Extract each line of the records below that contains the word "schematic".
Start of SOURCE MATERIAL
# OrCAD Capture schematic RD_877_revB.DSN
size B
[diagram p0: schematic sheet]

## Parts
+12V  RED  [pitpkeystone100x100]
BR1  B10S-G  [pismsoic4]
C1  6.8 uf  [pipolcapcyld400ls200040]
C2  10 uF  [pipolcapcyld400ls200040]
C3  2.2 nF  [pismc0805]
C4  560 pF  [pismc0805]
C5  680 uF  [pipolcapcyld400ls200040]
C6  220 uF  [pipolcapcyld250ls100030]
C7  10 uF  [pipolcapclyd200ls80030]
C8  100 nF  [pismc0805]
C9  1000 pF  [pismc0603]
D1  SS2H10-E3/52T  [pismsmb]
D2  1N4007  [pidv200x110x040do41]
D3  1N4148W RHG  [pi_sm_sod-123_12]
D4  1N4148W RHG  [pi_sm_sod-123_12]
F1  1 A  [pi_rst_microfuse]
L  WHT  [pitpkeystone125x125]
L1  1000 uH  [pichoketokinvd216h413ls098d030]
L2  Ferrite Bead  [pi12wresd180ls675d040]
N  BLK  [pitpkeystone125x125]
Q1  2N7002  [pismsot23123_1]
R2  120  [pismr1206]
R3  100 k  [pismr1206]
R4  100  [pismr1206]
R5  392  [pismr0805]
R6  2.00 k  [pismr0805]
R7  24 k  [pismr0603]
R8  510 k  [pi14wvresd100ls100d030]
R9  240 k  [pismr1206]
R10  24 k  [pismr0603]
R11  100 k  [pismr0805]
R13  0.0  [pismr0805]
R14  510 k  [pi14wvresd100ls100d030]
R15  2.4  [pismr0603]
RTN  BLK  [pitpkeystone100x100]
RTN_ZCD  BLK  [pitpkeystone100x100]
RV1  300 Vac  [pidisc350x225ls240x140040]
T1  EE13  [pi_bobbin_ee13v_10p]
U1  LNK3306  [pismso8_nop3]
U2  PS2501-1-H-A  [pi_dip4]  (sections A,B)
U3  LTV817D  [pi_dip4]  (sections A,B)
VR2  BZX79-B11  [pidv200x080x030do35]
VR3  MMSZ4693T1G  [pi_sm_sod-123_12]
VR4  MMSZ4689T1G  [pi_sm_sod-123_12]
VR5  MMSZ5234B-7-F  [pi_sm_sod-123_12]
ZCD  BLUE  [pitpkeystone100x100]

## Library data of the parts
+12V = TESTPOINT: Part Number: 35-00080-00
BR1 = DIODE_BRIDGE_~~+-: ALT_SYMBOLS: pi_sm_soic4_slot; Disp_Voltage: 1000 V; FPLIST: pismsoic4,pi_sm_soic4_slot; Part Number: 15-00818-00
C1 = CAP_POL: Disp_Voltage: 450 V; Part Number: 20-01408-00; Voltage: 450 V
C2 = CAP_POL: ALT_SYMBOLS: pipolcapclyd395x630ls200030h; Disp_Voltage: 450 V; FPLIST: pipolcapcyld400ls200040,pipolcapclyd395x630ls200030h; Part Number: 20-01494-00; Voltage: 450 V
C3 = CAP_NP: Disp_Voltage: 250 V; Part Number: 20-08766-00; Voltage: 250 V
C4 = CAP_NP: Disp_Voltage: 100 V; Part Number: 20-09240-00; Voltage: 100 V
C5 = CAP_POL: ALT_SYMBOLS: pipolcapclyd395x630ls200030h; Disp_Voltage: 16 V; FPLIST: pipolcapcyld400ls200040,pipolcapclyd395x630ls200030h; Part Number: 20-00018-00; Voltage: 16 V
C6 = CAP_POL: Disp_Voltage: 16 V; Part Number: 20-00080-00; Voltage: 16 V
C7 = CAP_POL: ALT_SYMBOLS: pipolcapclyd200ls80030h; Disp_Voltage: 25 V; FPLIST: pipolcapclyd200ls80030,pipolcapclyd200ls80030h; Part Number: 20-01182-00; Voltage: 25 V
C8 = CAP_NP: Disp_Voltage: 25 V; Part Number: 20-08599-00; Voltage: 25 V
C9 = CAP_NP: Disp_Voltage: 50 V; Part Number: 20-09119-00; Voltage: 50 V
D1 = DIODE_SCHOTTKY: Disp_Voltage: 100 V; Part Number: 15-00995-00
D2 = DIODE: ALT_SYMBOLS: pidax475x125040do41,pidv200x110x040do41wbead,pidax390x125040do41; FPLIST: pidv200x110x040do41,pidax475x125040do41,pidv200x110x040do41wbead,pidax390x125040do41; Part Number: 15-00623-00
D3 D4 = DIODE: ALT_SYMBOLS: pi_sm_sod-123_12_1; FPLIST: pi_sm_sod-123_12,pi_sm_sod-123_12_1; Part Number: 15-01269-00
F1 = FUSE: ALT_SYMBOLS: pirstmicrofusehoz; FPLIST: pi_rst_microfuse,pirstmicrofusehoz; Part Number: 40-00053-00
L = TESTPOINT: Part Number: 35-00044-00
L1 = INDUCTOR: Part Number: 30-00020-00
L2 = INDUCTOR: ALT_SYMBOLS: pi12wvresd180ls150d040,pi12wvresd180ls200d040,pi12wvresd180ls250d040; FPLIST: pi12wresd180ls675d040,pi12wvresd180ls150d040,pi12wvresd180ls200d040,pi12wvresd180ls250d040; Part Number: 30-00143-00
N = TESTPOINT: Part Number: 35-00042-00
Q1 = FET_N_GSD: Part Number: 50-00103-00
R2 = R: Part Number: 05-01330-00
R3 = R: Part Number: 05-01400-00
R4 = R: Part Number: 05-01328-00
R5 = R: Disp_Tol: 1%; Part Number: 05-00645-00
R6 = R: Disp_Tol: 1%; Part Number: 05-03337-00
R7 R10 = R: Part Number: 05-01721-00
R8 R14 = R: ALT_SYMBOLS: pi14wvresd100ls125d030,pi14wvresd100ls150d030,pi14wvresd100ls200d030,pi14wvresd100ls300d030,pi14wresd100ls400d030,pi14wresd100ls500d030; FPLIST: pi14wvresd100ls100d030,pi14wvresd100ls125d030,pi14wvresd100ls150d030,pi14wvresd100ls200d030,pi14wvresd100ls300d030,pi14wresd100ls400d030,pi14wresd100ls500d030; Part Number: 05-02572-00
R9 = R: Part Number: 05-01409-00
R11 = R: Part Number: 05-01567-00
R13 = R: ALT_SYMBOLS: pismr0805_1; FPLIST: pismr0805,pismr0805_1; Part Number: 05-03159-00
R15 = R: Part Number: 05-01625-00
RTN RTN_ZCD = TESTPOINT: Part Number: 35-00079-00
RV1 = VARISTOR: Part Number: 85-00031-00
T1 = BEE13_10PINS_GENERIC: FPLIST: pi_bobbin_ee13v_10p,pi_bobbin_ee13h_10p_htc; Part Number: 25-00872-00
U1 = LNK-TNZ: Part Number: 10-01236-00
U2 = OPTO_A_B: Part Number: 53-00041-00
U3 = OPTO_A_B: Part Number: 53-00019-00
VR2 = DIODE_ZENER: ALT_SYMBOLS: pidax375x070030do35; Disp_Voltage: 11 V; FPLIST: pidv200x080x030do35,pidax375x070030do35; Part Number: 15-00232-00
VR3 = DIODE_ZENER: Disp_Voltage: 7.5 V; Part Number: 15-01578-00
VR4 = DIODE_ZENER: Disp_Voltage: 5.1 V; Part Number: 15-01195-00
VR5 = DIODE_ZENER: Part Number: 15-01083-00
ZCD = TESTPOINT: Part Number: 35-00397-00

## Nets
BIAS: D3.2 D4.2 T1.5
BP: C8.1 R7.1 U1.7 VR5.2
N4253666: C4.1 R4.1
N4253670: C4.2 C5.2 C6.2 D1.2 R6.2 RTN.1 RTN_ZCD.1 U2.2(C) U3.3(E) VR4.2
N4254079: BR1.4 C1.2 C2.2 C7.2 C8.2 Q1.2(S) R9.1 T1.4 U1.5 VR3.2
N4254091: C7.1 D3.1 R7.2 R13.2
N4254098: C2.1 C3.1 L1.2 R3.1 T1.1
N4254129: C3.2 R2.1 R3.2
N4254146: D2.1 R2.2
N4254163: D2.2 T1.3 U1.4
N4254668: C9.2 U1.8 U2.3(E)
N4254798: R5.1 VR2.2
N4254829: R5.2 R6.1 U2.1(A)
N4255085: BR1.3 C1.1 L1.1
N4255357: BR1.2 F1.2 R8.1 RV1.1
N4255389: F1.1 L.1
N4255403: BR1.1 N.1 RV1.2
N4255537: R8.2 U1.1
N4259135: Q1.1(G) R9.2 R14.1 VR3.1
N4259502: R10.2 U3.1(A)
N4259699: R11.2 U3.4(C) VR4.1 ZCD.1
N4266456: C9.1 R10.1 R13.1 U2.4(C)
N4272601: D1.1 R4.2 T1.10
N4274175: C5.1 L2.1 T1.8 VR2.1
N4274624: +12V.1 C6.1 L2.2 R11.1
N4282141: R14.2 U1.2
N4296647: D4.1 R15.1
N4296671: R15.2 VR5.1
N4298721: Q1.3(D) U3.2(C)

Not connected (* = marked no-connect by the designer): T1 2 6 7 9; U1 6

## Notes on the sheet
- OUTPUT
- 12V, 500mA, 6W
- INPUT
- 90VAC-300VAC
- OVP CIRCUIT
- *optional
End of SOURCE MATERIAL
▸ RESPONSE TO THIS TASK:
# OrCAD Capture schematic RD_877_revB.DSN
[diagram p0: schematic sheet]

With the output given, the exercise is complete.